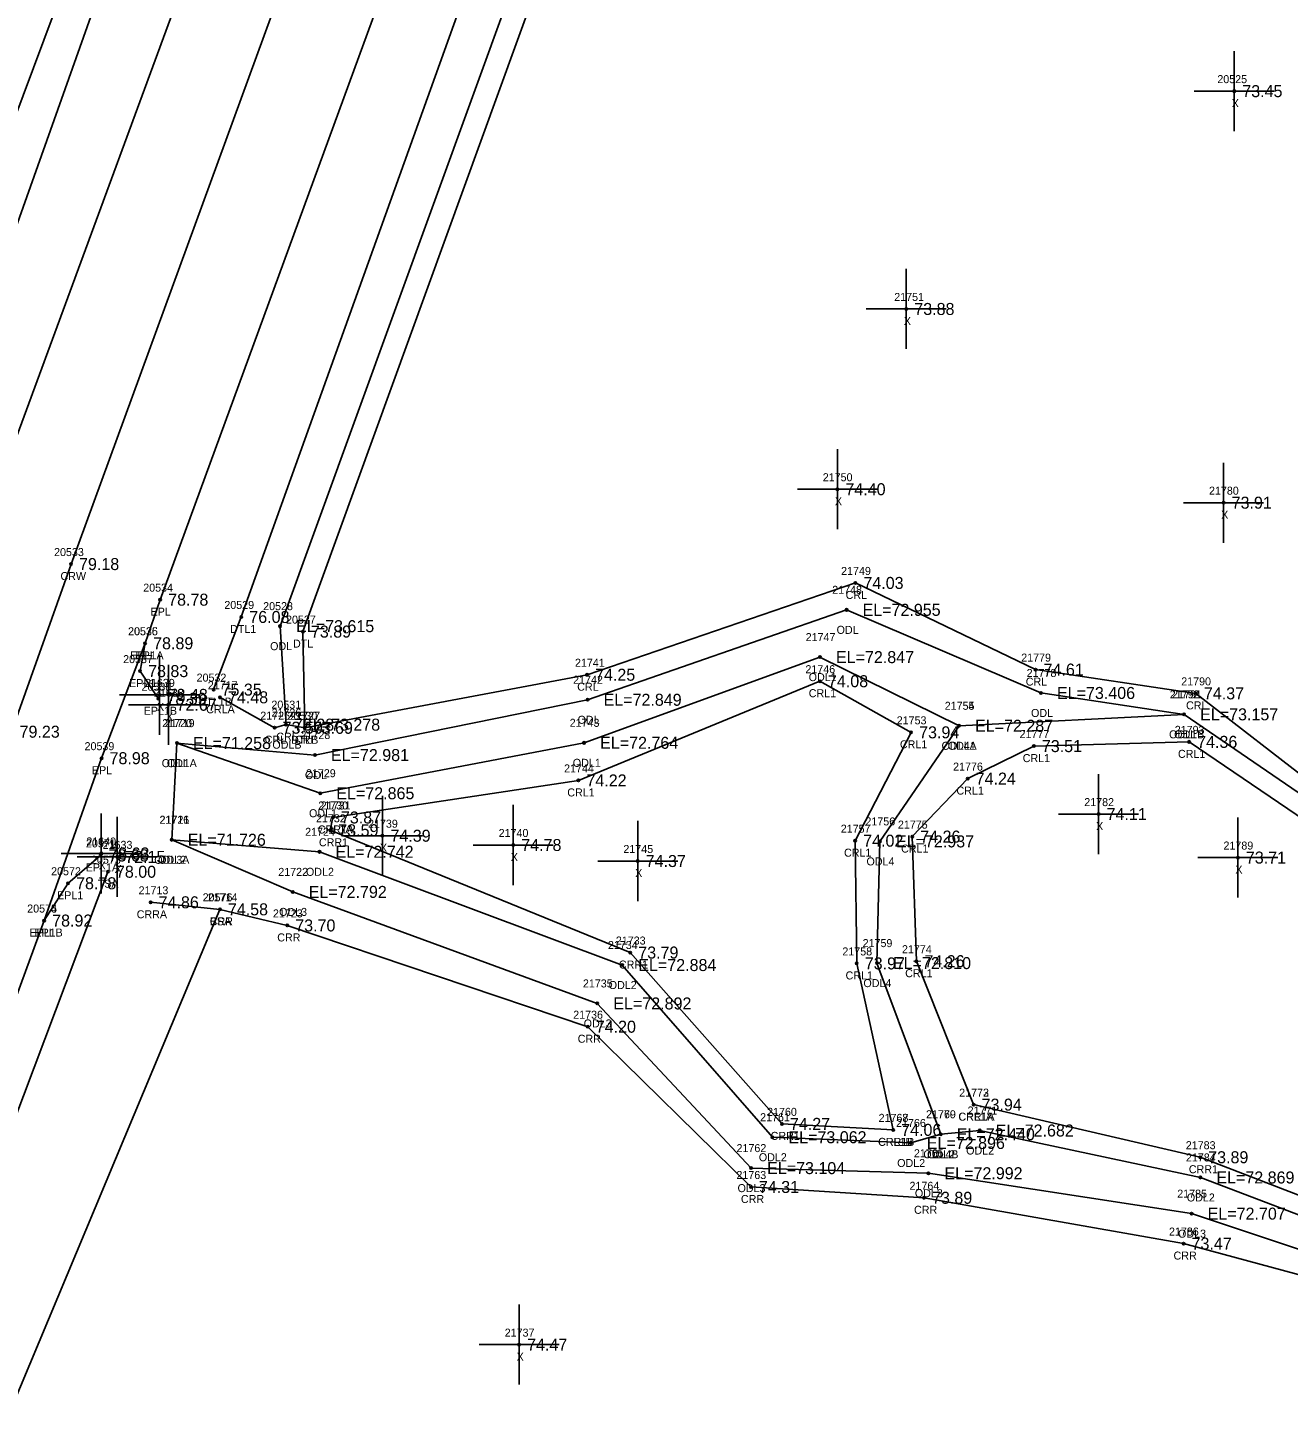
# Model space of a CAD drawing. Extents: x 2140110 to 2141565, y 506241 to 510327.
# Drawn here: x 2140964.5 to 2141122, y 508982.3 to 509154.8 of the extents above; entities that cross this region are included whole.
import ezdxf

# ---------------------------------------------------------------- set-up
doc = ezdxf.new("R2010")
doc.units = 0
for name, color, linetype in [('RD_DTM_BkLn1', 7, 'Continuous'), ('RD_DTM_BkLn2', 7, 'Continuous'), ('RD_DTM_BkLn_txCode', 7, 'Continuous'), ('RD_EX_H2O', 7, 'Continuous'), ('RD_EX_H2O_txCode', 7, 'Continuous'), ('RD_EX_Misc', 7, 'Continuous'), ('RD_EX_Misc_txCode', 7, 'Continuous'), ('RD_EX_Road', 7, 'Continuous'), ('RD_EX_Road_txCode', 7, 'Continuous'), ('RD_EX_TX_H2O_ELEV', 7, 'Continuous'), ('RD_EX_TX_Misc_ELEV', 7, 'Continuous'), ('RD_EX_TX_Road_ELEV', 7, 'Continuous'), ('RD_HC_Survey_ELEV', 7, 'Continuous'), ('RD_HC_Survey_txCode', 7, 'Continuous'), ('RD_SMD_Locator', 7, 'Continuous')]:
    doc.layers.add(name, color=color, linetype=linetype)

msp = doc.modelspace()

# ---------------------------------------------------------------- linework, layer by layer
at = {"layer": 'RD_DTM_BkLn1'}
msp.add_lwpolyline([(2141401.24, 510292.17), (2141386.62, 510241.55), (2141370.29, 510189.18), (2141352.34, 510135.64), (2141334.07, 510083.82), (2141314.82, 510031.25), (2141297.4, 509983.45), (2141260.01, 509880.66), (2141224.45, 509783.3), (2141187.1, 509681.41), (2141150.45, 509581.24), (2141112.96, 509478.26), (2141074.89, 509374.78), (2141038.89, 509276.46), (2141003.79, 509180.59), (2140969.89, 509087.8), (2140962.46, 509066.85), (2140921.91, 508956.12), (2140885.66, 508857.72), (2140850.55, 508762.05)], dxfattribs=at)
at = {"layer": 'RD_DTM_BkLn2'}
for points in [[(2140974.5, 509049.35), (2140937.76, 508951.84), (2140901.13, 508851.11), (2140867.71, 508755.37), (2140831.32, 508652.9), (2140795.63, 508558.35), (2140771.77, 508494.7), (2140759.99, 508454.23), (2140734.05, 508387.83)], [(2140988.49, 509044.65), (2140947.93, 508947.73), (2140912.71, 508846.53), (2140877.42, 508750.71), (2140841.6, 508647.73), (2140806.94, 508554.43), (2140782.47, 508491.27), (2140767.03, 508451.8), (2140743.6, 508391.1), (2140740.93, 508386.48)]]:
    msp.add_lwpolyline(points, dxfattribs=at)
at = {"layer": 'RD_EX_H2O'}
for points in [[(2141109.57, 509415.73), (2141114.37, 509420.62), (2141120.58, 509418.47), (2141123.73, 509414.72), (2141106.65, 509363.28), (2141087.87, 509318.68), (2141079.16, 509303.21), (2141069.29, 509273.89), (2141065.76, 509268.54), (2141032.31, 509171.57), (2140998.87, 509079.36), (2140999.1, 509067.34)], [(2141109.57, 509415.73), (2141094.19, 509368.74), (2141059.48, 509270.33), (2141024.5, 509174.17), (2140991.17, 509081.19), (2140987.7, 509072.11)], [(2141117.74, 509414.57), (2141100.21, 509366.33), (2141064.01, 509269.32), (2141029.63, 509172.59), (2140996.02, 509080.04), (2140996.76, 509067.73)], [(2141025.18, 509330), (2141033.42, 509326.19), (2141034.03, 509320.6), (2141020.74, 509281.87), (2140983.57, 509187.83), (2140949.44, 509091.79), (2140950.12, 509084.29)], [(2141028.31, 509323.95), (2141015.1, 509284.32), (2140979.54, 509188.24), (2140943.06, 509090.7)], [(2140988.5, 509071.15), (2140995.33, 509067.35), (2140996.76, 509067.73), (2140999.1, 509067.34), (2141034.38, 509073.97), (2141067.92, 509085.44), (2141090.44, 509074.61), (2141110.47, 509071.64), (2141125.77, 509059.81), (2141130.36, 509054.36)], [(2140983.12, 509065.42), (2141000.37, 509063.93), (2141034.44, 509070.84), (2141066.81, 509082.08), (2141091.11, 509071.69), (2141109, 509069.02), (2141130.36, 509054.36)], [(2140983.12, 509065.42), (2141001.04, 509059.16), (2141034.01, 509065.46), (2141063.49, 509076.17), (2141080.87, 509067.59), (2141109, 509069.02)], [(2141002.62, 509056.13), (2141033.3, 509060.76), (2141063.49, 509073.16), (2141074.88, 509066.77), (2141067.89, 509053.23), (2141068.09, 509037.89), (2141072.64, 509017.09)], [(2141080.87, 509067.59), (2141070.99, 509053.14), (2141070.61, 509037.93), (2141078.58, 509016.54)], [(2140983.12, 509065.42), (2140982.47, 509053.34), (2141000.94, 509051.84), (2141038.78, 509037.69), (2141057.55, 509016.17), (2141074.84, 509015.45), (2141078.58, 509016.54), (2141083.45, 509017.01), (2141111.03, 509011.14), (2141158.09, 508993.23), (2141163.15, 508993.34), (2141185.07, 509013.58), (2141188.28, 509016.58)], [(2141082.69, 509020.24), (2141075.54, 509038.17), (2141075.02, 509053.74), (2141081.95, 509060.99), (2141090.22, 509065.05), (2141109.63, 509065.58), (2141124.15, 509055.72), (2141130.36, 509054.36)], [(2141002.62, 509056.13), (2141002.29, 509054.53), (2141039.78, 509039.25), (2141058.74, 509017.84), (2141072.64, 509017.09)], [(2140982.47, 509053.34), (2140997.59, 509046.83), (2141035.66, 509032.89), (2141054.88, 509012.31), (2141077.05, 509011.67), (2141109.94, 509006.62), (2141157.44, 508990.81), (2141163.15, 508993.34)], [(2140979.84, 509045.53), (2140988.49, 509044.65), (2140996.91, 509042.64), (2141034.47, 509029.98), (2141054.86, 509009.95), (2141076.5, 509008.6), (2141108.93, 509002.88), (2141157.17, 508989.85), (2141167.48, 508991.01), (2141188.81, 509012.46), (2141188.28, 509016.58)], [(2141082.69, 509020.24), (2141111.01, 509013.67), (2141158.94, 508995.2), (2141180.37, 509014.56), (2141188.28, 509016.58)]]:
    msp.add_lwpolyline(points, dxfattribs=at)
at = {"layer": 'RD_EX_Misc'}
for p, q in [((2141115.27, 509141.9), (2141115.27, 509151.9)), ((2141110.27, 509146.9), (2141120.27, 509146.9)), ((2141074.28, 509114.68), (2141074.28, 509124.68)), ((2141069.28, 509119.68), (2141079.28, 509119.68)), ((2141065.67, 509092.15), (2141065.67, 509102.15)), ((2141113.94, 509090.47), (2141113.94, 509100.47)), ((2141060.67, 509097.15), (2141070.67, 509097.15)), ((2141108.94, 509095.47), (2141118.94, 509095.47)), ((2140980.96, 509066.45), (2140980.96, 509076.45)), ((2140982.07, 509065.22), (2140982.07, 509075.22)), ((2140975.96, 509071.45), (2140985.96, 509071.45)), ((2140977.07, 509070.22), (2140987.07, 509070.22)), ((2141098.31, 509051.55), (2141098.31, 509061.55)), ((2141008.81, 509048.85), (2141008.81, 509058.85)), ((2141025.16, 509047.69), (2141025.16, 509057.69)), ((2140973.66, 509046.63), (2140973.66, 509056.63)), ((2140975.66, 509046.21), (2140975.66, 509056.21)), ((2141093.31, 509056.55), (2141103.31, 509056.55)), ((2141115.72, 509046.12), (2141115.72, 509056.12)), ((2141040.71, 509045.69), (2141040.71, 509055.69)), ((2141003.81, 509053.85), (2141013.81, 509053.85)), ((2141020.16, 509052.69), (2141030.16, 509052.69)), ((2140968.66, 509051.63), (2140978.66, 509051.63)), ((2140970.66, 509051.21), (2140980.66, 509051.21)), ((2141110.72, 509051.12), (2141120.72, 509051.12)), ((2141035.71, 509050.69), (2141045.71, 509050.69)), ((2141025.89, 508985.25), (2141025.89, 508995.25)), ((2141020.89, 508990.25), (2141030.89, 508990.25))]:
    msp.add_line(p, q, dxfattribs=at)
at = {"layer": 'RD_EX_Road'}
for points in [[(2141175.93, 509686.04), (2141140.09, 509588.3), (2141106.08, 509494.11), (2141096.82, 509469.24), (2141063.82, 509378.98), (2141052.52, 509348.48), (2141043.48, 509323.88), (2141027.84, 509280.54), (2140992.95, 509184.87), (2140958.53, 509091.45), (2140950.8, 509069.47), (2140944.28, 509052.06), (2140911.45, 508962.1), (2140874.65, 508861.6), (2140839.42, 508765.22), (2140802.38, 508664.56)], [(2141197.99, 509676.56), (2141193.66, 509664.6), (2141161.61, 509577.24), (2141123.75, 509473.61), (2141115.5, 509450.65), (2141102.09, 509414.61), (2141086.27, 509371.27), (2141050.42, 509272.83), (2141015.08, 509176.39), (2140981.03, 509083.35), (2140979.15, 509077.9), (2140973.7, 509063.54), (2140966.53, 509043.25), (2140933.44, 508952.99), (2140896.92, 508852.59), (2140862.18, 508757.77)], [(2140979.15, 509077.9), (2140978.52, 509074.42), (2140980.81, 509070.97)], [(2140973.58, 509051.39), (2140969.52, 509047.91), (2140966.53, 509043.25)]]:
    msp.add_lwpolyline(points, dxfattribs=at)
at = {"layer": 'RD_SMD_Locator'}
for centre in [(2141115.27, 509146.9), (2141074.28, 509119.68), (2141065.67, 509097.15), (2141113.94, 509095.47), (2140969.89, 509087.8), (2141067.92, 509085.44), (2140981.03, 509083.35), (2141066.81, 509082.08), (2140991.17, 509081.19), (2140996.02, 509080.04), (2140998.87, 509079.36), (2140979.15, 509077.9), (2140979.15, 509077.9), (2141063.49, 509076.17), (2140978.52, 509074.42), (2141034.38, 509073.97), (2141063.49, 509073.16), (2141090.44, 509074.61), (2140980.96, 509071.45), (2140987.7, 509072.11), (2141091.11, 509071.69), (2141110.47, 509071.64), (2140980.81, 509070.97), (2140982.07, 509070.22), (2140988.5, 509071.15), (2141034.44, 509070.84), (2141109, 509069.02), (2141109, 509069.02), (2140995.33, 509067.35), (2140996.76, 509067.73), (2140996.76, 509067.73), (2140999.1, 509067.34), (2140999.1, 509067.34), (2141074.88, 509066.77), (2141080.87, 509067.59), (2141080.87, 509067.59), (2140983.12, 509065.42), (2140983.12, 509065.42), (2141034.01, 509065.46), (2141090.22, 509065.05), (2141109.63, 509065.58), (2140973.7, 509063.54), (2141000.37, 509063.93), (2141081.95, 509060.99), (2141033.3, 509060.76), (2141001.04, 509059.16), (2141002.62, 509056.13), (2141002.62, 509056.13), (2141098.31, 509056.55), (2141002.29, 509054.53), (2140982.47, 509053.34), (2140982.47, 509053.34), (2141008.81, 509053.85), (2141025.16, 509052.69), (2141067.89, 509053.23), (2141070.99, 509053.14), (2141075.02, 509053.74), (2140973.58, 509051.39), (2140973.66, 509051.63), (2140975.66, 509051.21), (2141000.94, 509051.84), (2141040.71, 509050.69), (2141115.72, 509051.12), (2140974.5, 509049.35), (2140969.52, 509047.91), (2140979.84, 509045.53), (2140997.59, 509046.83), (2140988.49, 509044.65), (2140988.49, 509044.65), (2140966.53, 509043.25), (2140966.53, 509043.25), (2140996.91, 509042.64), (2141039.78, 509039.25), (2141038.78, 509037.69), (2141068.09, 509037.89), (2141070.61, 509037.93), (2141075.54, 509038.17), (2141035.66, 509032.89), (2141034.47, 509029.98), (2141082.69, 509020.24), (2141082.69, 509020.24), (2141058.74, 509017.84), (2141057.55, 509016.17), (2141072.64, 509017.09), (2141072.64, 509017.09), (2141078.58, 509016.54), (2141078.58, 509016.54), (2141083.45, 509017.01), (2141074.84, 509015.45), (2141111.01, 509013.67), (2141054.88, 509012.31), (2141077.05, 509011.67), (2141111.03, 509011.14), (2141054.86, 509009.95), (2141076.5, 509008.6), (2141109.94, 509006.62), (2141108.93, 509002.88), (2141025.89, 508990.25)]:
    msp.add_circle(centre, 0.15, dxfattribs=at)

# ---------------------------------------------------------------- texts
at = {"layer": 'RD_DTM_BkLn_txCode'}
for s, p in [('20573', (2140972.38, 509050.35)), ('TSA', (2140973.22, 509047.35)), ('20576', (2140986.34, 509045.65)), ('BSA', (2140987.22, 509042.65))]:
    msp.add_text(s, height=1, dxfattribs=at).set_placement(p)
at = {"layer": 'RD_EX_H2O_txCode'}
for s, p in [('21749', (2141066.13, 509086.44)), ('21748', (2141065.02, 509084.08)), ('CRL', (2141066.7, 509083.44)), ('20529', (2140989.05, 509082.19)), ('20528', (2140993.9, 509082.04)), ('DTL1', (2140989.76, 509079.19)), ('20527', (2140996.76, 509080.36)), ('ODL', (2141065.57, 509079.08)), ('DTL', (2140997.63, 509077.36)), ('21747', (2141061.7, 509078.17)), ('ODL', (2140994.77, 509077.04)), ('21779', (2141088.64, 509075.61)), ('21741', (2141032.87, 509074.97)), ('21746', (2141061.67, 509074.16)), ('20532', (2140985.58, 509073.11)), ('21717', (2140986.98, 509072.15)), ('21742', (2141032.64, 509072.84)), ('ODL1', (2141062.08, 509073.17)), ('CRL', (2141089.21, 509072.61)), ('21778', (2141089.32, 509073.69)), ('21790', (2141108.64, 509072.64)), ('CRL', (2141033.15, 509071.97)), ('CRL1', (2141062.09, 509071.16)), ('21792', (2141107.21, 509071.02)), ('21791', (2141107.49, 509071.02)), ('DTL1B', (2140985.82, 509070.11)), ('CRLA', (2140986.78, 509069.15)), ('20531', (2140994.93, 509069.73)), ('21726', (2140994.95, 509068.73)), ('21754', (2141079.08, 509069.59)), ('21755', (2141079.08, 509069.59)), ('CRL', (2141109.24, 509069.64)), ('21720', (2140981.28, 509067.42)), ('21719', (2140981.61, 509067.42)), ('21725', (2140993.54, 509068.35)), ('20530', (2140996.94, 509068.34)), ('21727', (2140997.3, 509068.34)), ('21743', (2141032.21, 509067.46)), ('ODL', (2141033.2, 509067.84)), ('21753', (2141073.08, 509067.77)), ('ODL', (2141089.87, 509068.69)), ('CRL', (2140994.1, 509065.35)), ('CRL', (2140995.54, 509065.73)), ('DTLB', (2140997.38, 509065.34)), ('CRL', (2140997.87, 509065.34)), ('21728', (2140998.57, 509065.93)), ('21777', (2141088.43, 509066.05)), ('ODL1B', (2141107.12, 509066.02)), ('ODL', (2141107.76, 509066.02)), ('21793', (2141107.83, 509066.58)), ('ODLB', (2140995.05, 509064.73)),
_ _ _ _ _
- _Task description_: Could you repeat exactly the lines above from the line with "import ezdxf" up to and including the line with "for name, color, linetype", and only those?

- _Worked solution_:
import ezdxf

# ---------------------------------------------------------------- set-up
doc = ezdxf.new("R2010")
doc.units = 0
for name, color, linetype in [('RD_DTM_BkLn1', 7, 'Continuous'), ('RD_DTM_BkLn2', 7, 'Continuous'), ('RD_DTM_BkLn_txCode', 7, 'Continuous'), ('RD_EX_H2O', 7, 'Continuous'), ('RD_EX_H2O_txCode', 7, 'Continuous'), ('RD_EX_Misc', 7, 'Continuous'), ('RD_EX_Misc_txCode', 7, 'Continuous'), ('RD_EX_Road', 7, 'Continuous'), ('RD_EX_Road_txCode', 7, 'Continuous'), ('RD_EX_TX_H2O_ELEV', 7, 'Continuous'), ('RD_EX_TX_Misc_ELEV', 7, 'Continuous'), ('RD_EX_TX_Road_ELEV', 7, 'Continuous'), ('RD_HC_Survey_ELEV', 7, 'Continuous'), ('RD_HC_Survey_txCode', 7, 'Continuous'), ('RD_SMD_Locator', 7, 'Continuous')]:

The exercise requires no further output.